══ DATASET

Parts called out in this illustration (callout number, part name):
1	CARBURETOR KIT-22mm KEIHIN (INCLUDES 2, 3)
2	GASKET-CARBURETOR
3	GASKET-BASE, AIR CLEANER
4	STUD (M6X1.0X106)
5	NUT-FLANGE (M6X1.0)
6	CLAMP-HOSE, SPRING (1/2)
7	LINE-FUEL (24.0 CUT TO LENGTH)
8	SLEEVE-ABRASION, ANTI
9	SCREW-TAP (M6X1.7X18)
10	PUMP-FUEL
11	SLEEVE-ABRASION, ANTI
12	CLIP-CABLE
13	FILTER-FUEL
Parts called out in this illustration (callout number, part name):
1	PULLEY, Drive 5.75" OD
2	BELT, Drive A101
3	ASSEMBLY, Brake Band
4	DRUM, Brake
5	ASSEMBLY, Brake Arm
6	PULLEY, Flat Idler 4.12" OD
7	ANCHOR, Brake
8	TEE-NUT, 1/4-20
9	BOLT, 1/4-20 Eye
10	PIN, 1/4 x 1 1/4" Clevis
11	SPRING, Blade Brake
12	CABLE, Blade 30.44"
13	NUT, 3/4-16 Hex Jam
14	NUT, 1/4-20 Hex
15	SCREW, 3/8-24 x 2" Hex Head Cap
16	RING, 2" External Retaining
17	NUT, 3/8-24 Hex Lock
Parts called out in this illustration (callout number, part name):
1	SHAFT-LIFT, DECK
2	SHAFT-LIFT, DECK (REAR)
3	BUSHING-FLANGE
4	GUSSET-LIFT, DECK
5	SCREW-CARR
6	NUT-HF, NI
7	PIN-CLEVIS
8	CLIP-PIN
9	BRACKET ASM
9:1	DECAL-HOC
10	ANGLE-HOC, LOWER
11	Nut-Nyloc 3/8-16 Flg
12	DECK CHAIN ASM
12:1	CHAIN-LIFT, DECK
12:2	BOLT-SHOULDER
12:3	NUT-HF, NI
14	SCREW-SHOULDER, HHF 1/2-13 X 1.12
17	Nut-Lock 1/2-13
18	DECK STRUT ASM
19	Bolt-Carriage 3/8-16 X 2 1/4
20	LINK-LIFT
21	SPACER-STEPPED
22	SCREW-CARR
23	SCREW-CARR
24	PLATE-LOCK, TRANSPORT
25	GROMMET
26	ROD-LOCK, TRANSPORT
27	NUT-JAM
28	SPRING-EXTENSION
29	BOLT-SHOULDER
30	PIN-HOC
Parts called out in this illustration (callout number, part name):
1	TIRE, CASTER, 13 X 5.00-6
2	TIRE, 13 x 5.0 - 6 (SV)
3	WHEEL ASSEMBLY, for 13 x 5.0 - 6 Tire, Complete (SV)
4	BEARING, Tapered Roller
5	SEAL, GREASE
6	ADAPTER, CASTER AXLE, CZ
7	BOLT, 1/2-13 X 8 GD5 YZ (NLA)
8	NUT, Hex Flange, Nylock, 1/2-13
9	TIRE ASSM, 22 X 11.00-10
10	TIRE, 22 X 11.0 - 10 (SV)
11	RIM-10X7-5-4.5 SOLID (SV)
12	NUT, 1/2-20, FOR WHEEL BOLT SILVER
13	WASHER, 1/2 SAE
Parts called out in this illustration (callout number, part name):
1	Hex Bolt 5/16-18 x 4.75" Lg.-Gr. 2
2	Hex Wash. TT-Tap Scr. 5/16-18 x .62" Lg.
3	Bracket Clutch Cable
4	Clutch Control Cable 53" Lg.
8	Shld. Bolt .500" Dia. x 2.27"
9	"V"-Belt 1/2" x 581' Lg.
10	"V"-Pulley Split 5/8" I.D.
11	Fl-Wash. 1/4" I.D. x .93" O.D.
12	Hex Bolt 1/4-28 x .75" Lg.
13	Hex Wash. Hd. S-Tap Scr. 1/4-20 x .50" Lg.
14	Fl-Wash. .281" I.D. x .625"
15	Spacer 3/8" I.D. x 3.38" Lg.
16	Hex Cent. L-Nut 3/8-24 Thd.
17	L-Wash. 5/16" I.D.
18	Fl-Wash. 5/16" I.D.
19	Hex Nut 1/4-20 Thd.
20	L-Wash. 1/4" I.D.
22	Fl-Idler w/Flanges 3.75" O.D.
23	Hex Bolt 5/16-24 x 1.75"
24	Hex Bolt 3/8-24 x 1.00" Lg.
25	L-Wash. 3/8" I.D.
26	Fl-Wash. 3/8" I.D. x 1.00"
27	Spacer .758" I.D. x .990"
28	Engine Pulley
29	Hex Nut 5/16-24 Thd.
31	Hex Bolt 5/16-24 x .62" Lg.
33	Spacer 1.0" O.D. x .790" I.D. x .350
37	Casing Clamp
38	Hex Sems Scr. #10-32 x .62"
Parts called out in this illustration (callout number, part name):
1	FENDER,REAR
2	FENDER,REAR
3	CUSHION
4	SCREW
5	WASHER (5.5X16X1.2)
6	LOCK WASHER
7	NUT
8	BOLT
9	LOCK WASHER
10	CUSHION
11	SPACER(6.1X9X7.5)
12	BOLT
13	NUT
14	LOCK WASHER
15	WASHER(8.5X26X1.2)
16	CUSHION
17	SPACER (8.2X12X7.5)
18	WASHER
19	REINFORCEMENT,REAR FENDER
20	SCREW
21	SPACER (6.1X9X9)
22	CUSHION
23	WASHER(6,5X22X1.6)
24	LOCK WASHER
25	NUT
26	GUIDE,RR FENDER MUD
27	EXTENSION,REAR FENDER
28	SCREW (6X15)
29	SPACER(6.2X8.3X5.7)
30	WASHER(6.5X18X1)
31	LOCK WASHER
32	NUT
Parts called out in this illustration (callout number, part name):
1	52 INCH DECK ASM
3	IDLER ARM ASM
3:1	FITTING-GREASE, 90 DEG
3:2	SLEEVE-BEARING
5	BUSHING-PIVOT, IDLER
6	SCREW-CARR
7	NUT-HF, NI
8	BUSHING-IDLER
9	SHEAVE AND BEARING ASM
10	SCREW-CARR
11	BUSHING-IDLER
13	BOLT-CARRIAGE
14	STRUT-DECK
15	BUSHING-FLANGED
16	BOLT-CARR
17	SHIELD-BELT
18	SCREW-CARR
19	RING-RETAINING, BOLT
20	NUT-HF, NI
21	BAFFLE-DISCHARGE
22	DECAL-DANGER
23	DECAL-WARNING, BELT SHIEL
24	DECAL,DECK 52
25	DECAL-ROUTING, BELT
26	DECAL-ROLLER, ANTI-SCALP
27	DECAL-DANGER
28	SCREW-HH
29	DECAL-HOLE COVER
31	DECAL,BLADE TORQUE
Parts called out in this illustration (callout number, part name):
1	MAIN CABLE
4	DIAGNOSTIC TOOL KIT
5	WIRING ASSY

════

▶ WORK TO BE COMPLETED
Could you write out all the entries exactly as given?

▶ TASK SOLUTION
Parts called out in this illustration (callout number, part name):
1	CARBURETOR KIT-22mm KEIHIN (INCLUDES 2, 3)
2	GASKET-CARBURETOR
3	GASKET-BASE, AIR CLEANER
4	STUD (M6X1.0X106)
5	NUT-FLANGE (M6X1.0)
6	CLAMP-HOSE, SPRING (1/2)
7	LINE-FUEL (24.0 CUT TO LENGTH)
8	SLEEVE-ABRASION, ANTI
9	SCREW-TAP (M6X1.7X18)
10	PUMP-FUEL
11	SLEEVE-ABRASION, ANTI
12	CLIP-CABLE
13	FILTER-FUEL
Parts called out in this illustration (callout number, part name):
1	PULLEY, Drive 5.75" OD
2	BELT, Drive A101
3	ASSEMBLY, Brake Band
4	DRUM, Brake
5	ASSEMBLY, Brake Arm
6	PULLEY, Flat Idler 4.12" OD
7	ANCHOR, Brake
8	TEE-NUT, 1/4-20
9	BOLT, 1/4-20 Eye
10	PIN, 1/4 x 1 1/4" Clevis
11	SPRING, Blade Brake
12	CABLE, Blade 30.44"
13	NUT, 3/4-16 Hex Jam
14	NUT, 1/4-20 Hex
15	SCREW, 3/8-24 x 2" Hex Head Cap
16	RING, 2" External Retaining
17	NUT, 3/8-24 Hex Lock
Parts called out in this illustration (callout number, part name):
1	SHAFT-LIFT, DECK
2	SHAFT-LIFT, DECK (REAR)
3	BUSHING-FLANGE
4	GUSSET-LIFT, DECK
5	SCREW-CARR
6	NUT-HF, NI
7	PIN-CLEVIS
8	CLIP-PIN
9	BRACKET ASM
9:1	DECAL-HOC
10	ANGLE-HOC, LOWER
11	Nut-Nyloc 3/8-16 Flg
12	DECK CHAIN ASM
12:1	CHAIN-LIFT, DECK
12:2	BOLT-SHOULDER
12:3	NUT-HF, NI
14	SCREW-SHOULDER, HHF 1/2-13 X 1.12
17	Nut-Lock 1/2-13
18	DECK STRUT ASM
19	Bolt-Carriage 3/8-16 X 2 1/4
20	LINK-LIFT
21	SPACER-STEPPED
22	SCREW-CARR
23	SCREW-CARR
24	PLATE-LOCK, TRANSPORT
25	GROMMET
26	ROD-LOCK, TRANSPORT
27	NUT-JAM
28	SPRING-EXTENSION
29	BOLT-SHOULDER
30	PIN-HOC
Parts called out in this illustration (callout number, part name):
1	TIRE, CASTER, 13 X 5.00-6
2	TIRE, 13 x 5.0 - 6 (SV)
3	WHEEL ASSEMBLY, for 13 x 5.0 - 6 Tire, Complete (SV)
4	BEARING, Tapered Roller
5	SEAL, GREASE
6	ADAPTER, CASTER AXLE, CZ
7	BOLT, 1/2-13 X 8 GD5 YZ (NLA)
8	NUT, Hex Flange, Nylock, 1/2-13
9	TIRE ASSM, 22 X 11.00-10
10	TIRE, 22 X 11.0 - 10 (SV)
11	RIM-10X7-5-4.5 SOLID (SV)
12	NUT, 1/2-20, FOR WHEEL BOLT SILVER
13	WASHER, 1/2 SAE
Parts called out in this illustration (callout number, part name):
1	Hex Bolt 5/16-18 x 4.75" Lg.-Gr. 2
2	Hex Wash. TT-Tap Scr. 5/16-18 x .62" Lg.
3	Bracket Clutch Cable
4	Clutch Control Cable 53" Lg.
8	Shld. Bolt .500" Dia. x 2.27"
9	"V"-Belt 1/2" x 581' Lg.
10	"V"-Pulley Split 5/8" I.D.
11	Fl-Wash. 1/4" I.D. x .93" O.D.
12	Hex Bolt 1/4-28 x .75" Lg.
13	Hex Wash. Hd. S-Tap Scr. 1/4-20 x .50" Lg.
14	Fl-Wash. .281" I.D. x .625"
15	Spacer 3/8" I.D. x 3.38" Lg.
16	Hex Cent. L-Nut 3/8-24 Thd.
17	L-Wash. 5/16" I.D.
18	Fl-Wash. 5/16" I.D.
19	Hex Nut 1/4-20 Thd.
20	L-Wash. 1/4" I.D.
22	Fl-Idler w/Flanges 3.75" O.D.
23	Hex Bolt 5/16-24 x 1.75"
24	Hex Bolt 3/8-24 x 1.00" Lg.
25	L-Wash. 3/8" I.D.
26	Fl-Wash. 3/8" I.D. x 1.00"
27	Spacer .758" I.D. x .990"
28	Engine Pulley
29	Hex Nut 5/16-24 Thd.
31	Hex Bolt 5/16-24 x .62" Lg.
33	Spacer 1.0" O.D. x .790" I.D. x .350
37	Casing Clamp
38	Hex Sems Scr. #10-32 x .62"
Parts called out in this illustration (callout number, part name):
1	FENDER,REAR
2	FENDER,REAR
3	CUSHION
4	SCREW
5	WASHER (5.5X16X1.2)
6	LOCK WASHER
7	NUT
8	BOLT
9	LOCK WASHER
10	CUSHION
11	SPACER(6.1X9X7.5)
12	BOLT
13	NUT
14	LOCK WASHER
15	WASHER(8.5X26X1.2)
16	CUSHION
17	SPACER (8.2X12X7.5)
18	WASHER
19	REINFORCEMENT,REAR FENDER
20	SCREW
21	SPACER (6.1X9X9)
22	CUSHION
23	WASHER(6,5X22X1.6)
24	LOCK WASHER
25	NUT
26	GUIDE,RR FENDER MUD
27	EXTENSION,REAR FENDER
28	SCREW (6X15)
29	SPACER(6.2X8.3X5.7)
30	WASHER(6.5X18X1)
31	LOCK WASHER
32	NUT
Parts called out in this illustration (callout number, part name):
1	52 INCH DECK ASM
3	IDLER ARM ASM
3:1	FITTING-GREASE, 90 DEG
3:2	SLEEVE-BEARING
5	BUSHING-PIVOT, IDLER
6	SCREW-CARR
7	NUT-HF, NI
8	BUSHING-IDLER
9	SHEAVE AND BEARING ASM
10	SCREW-CARR
11	BUSHING-IDLER
13	BOLT-CARRIAGE
14	STRUT-DECK
15	BUSHING-FLANGED
16	BOLT-CARR
17	SHIELD-BELT
18	SCREW-CARR
19	RING-RETAINING, BOLT
20	NUT-HF, NI
21	BAFFLE-DISCHARGE
22	DECAL-DANGER
23	DECAL-WARNING, BELT SHIEL
24	DECAL,DECK 52
25	DECAL-ROUTING, BELT
26	DECAL-ROLLER, ANTI-SCALP
27	DECAL-DANGER
28	SCREW-HH
29	DECAL-HOLE COVER
31	DECAL,BLADE TORQUE
Parts called out in this illustration (callout number, part name):
1	MAIN CABLE
4	DIAGNOSTIC TOOL KIT
5	WIRING ASSY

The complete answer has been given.